» Task description:
Tally the lines below that include the string "diameter". Reply with the total only.

» Given records:
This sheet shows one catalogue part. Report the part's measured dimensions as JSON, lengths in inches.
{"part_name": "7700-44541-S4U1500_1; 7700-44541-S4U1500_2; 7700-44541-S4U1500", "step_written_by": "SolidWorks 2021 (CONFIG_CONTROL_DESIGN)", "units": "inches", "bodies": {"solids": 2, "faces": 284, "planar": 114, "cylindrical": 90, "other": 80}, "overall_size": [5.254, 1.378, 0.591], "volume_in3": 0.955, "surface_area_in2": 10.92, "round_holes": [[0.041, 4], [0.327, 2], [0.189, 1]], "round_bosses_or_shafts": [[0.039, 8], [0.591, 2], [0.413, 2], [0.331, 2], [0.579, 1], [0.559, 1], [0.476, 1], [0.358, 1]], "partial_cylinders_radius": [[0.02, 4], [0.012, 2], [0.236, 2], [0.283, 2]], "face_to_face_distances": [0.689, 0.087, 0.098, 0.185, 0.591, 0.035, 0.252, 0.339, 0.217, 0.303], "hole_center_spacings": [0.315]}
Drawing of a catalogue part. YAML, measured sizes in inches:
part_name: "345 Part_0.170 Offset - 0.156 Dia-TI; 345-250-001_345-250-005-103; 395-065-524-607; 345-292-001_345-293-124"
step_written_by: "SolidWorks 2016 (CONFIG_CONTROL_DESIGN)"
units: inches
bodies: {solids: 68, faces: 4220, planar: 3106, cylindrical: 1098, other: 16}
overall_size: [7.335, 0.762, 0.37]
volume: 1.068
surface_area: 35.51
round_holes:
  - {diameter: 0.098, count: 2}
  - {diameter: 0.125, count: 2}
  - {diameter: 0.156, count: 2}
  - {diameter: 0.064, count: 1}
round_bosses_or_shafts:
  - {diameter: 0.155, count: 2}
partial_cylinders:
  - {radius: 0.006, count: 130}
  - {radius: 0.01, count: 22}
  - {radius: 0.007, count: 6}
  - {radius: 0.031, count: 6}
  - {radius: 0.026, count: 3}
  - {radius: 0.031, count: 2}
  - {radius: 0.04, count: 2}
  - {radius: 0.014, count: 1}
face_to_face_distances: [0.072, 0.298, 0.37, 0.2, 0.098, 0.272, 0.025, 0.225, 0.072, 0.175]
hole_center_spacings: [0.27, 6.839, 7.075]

--

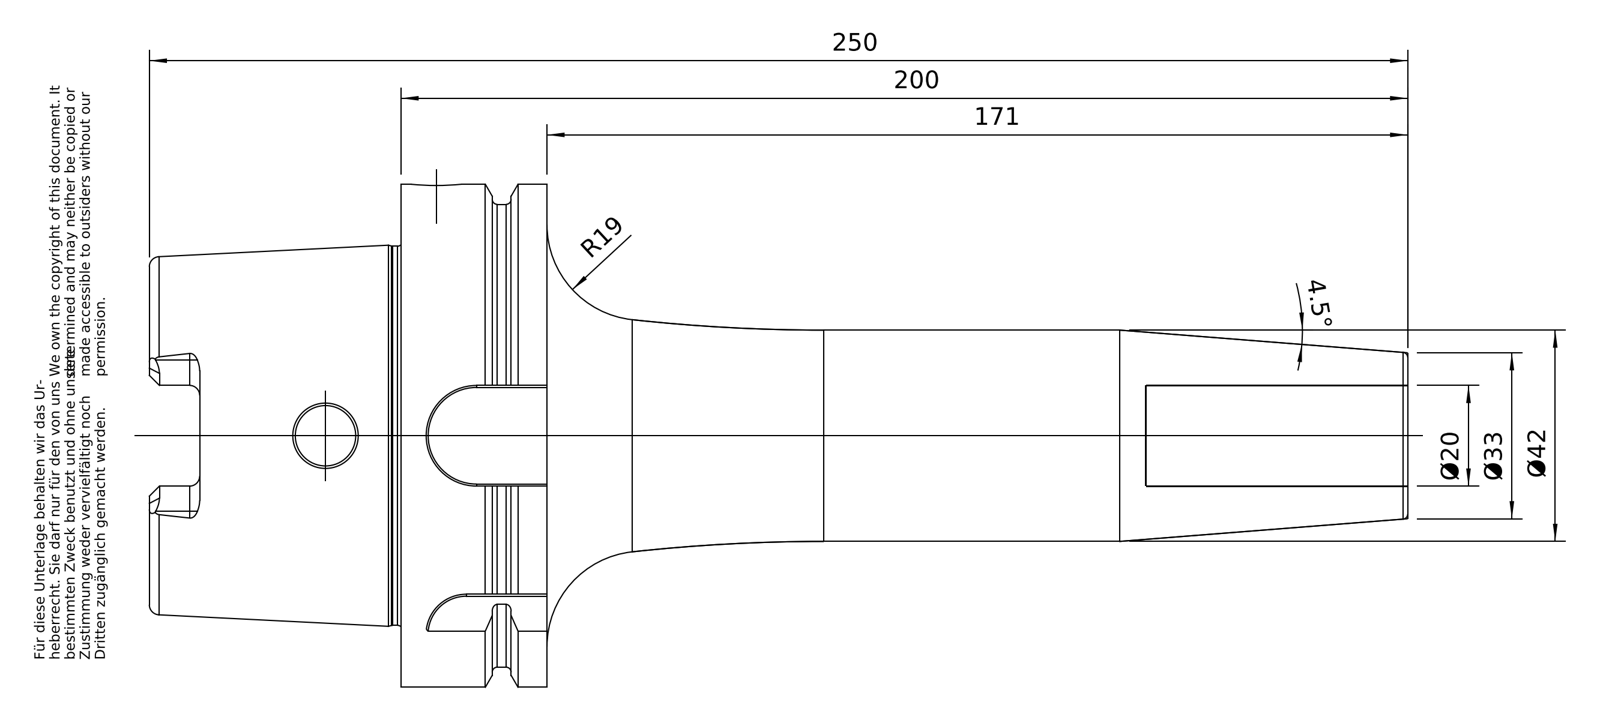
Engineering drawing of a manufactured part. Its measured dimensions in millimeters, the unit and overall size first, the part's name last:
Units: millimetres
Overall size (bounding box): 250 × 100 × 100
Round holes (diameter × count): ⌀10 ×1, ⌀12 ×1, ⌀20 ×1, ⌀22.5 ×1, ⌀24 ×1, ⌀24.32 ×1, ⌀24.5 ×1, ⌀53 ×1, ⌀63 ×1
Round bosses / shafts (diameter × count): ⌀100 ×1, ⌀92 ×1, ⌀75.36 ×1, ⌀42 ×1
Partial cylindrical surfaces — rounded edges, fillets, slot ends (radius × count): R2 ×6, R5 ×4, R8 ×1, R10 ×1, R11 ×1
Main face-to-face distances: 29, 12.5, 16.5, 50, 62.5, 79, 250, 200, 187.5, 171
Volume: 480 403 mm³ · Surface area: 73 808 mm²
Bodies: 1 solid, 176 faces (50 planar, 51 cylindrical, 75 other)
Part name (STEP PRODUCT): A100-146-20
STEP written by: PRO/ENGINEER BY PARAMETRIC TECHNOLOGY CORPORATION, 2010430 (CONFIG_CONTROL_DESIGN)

» Answer below:
7